Yes, Highline Trail is shortest to Jack & Jill. Rock Creek Trail is quicker than West Fork of Blacks Fork.


----------



## SpiritualLiftence (Jul 20, 2009)

I haven't took any mountain passes yet in my backpacking career which makes it more intense, but nonetheless it would be an adventure!! It's so hard trying to find the best spot to backpack, everyday i just keep researching places in the uintas, only to find out its very popular with hikers or horseman. I don't want to be camping in s**t, or be camping by a lot of people were you cant even here the crickets at night. I just want a place were its peace and quiet were i can enjoy a true wilderness experience and elevate my spiritualism. I mean i don't care if people are there, but a lot of people is another story. This will be my first backpacking trip and i know its gonna be amazing, i just want it to be even more perfect, it's why i'm researching all different kinds of places there. 

Almost forgot, thanks campfire and goob for your responses on helping me out.


----------



## campfire (Sep 9, 2007)

SpiritualLiftence,
I really don't want to discourage you, and I am speaking as an older man but I have spent a lot of time in the Uintas as a younger man,too. And the Head of Rock Creek is a pretty ambitious undertaking for a first time backpacking adventure. Realistically it is a two day hike one way even by way of the Highline Trail which is the shortest and quickest way. There will be more solitude there than just about anywhere but there is a reason. (Most people are not wiling to pay the price to get there.) You might consider a little easier trip for your first one. There are plenty of options and "crowded" in the back country is not like "crowded" in other places. You can still find some soilitude and plenty of beautiful places to camp.


----------



## wyogoob (Sep 7, 2007)

campfire said:


> SpiritualLiftence,
> I really don't want to discourage you, and I am speaking as an older man but I have spent a lot of time in the Uintas as a younger man,too. And the Head of Rock Creek is a pretty ambitious undertaking for a first time backpacking adventure. Realistically it is a two day hike one way even by way of the Highline Trail which is the shortest and quickest way. There will be more solitude there than just about anywhere but there is a reason. (Most people are not wiling to pay the price to get there.) You might consider a little easier trip for your first one. There are plenty of options and "crowded" in the back country is not like "crowded" in other places. You can still find some soilitude and plenty of beautiful places to camp.


+1, I concur.

Rocky Sea Pass is no too bad. Dead Horse Pass can be tough, the trail on the north slope sloughs off the mountainside every snow melt and doesn't always get repaired.


----------



## SpiritualLiftence (Jul 20, 2009)

Here's another trail i need help with http://www.topo.com/explore?lat=40.6393 ... &type=topo i think it trail #495 but im not 100% sure. We changed plans yet again and were gonna do a week excursion. So that means more miles to cover, so ive considered Kidney Lakes or Bowden lake and the area surrounding them which is 30 miles rt.


----------



## .45 (Sep 21, 2007)

SpiritualLiftence said:


> Here's another trail i need help with http://www.topo.com/explore?lat=40.6393 ... &type=topo i think it trail #495 but im not 100% sure. We changed plans yet again and were gonna do a week excursion. So that means more miles to cover, so ive considered Kidney Lakes or Bowden lake and the area surrounding them which is 30 miles rt.

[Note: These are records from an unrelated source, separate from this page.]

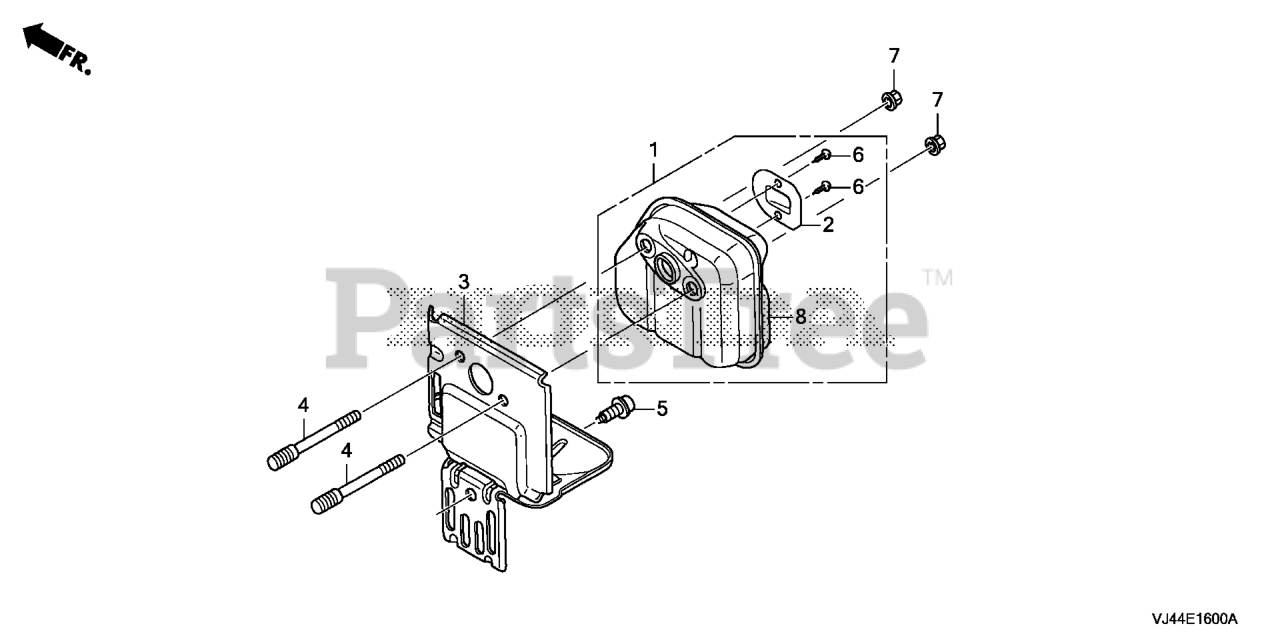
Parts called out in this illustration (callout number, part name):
1	MUFFLER
2	ARRESTER, SPARK
3	GUIDE, AIR EX.
4	BOLT, STUD (5X52)
5	BOLT, SOCKET (5X10) (CT)
5	BOLT, SOCKET (5X10)
6	SCREW, TAPPING (4X6) (TO INSTALL OPTIONAL SPARK ARRESTER)
7	NUT, SELF-LOCK (5MM)
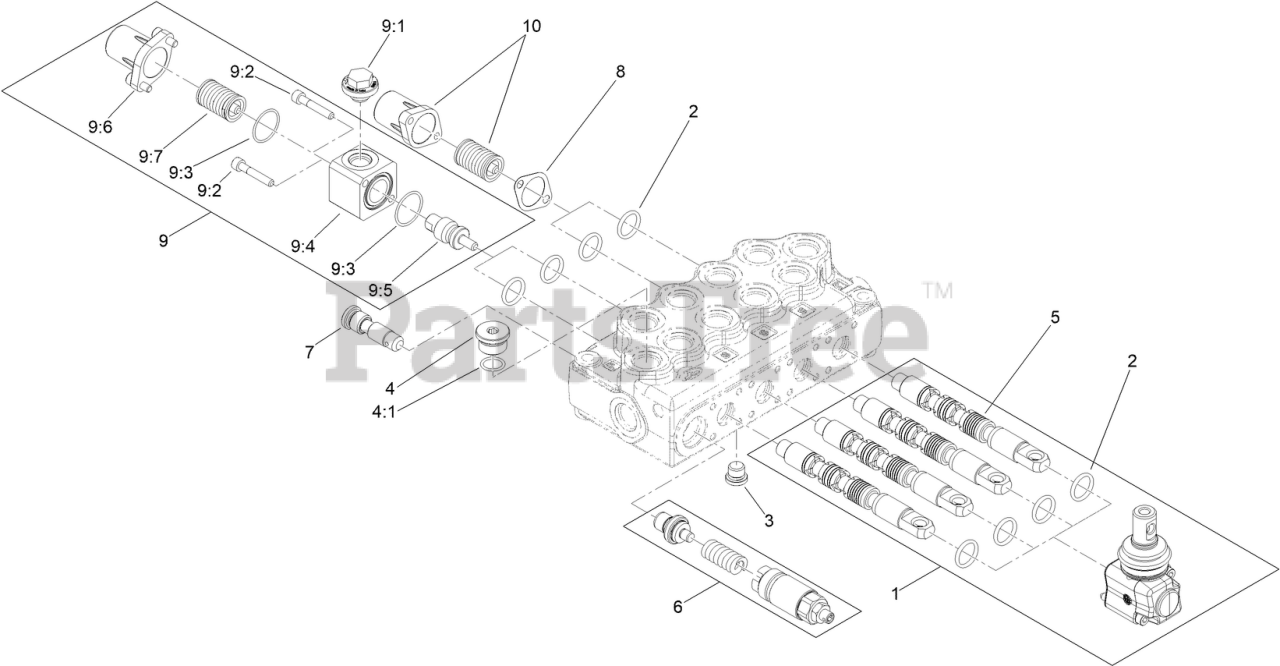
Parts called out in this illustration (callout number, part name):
1	LSG/S5 LEVER KIT WITH SCREWS
2	O-RING SEAL, 70 SH
3	SAE 4 PLUG
4	PLUG-HEX
4:1	O-RING
5	SPOOL-VALVE
6	VMD5 (JN) INLET PART
7	KIT-VALVE BODY
8	GASKET
9	S5 COMMAND KIT
9:1	Plug
9:2	Screw
9:3	ORING
9:4	Block
9:5	Pin
9:6	End Cap
9:7	Spring
10	S5 END CAP KIT
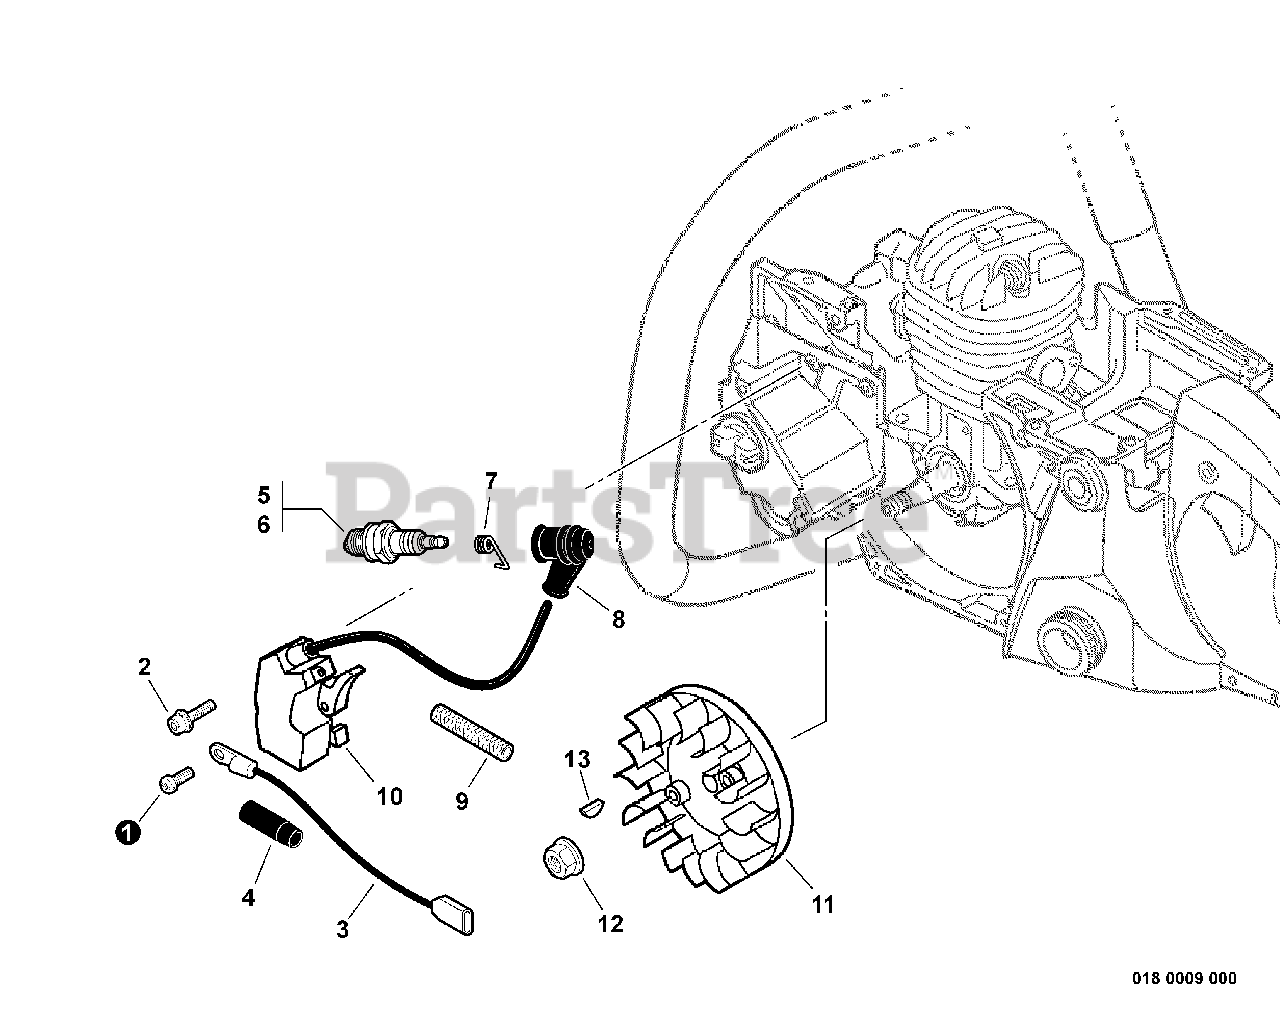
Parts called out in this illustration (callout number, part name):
1	SCREW - 4X6
2	SCREW - 4X30
3	LEAD - GROUND
4	BOOT, CONNECTOR
5	SPARK PLUG -- BPM-8Y
6	SPARK PLUG -- BPMR-8Y
7	TERMINAL, SPARK PLUG CAP
8	CAP, SPARK PLUG
9	TUBE, INSULATOR
10	COIL, IGNITION
11	FLYWHEEL
12	NUT - 8 -- FLANGE
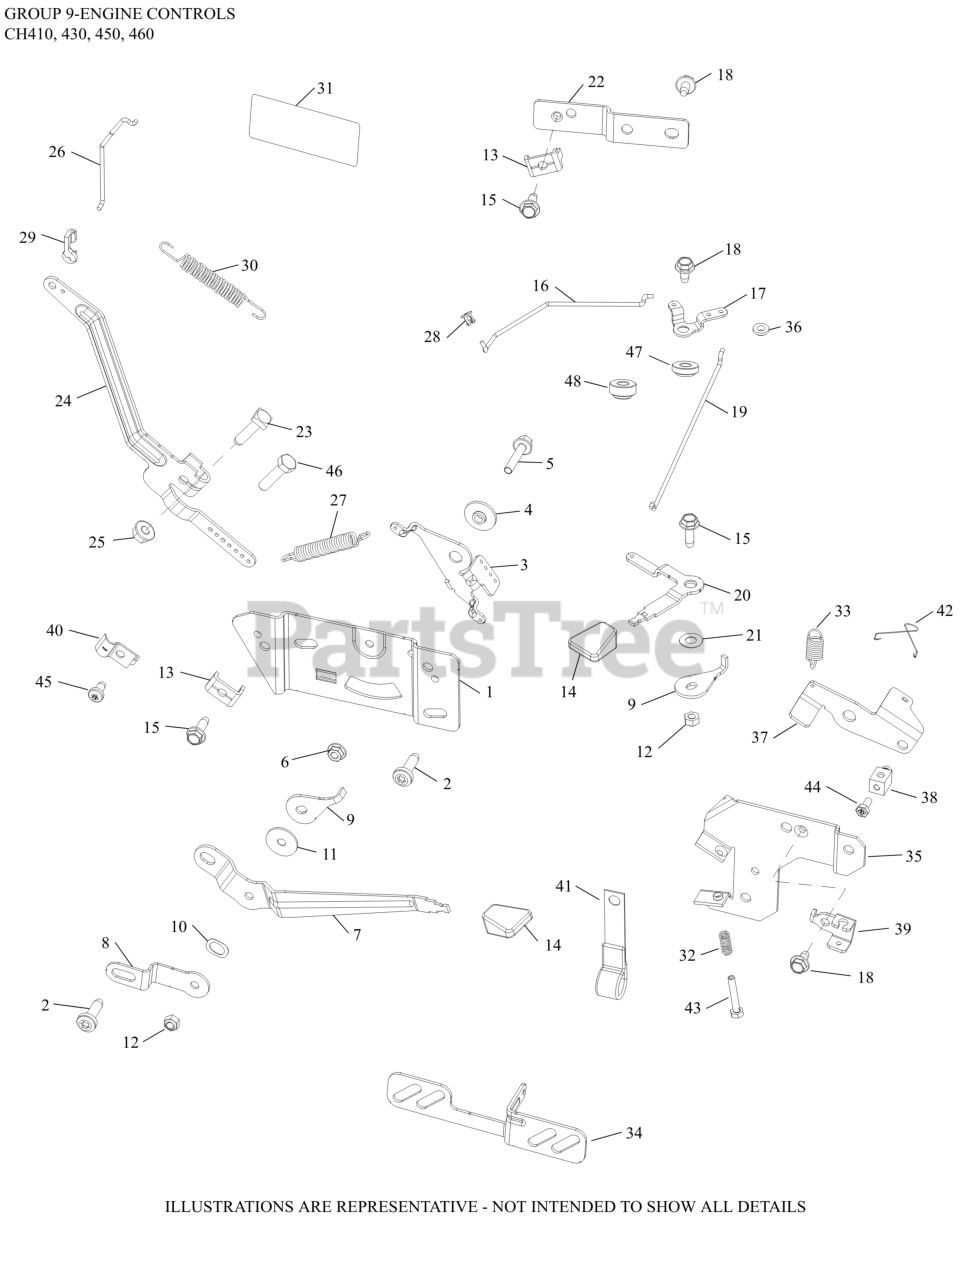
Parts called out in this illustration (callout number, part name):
1	PLATE-DISCONTINUED
2	SCREW, LBD SKT M6x1.0x20-(#25086403S)
4	SPACER, CONTROL ASSEMBLY
5	SCREW, HVY FLG M5X0.8X25
6	NUT, FLG M5X.8
9	TAB-(#DSC)
10	WASHER, SPRING 3/16"
11	WASHER, FLAT 5.5 MM
12	NUT, LOCK M5X.8
13	CLAMP, CABLE-(#2523753S)
14	KNOB-(#DSC)
15	SCREW,FLG THD FRM M5X0.8X16-(#25086398S)
16	LINKAGE, CHOKE
18	SCREW, FLG THD FRM M5X.8X10
20	LEVER, CHOKE
21	WASHER, SPRING 1/4"
22	BRACKET, CHOKE MOUNT
23	SCREW, SQUARE HEAD-(#DSC)
24	LEVER, GOVERNOR
25	NUT, FLG M6X1.0
28	BUSHING, LINKAGE RETAINING
29	BUSHING, THROTTLE LINKAGE

You might consider buying this book. This 'link' can provide some information but not all the info you're looking for. This link shows only a few area's and gives you a taste for what will be in the book....it may be worth it !!

http://books.google.com/books?id=To3Acv ... t&resnum=2


----------



## SpiritualLiftence (Jul 20, 2009)

.45 said:


> SpiritualLiftence said:
> 
> 
> > Here's another trail i need help with http://www.topo.com/explore?lat=40.6393 ... &type=topo i think it trail #495 but im not 100% sure. We changed plans yet again and were gonna do a week excursion. So that means more miles to cover, so ive considered Kidney Lakes or Bowden lake and the area surrounding them which is 30 miles rt.
> ...


Lol it is worth it, cause i have it already. It's a good book for hiking all over utah, doesnt focus mainly on high uintas wilderness just a couple popular trails. This book goes into detail about the high uintas wilderness http://books.google.com/books?id=9VziGM ... igh+uintas it's what i have been using as my backbone in research and google earth.


----------



## .45 (Sep 21, 2007)

So you make fun of me ???? :wink: 

Ha ha....I really don't know where that trail on the Uinta River goes, but I do know, if you head north a little, west a little and down stream you will be on Tribal Lands. 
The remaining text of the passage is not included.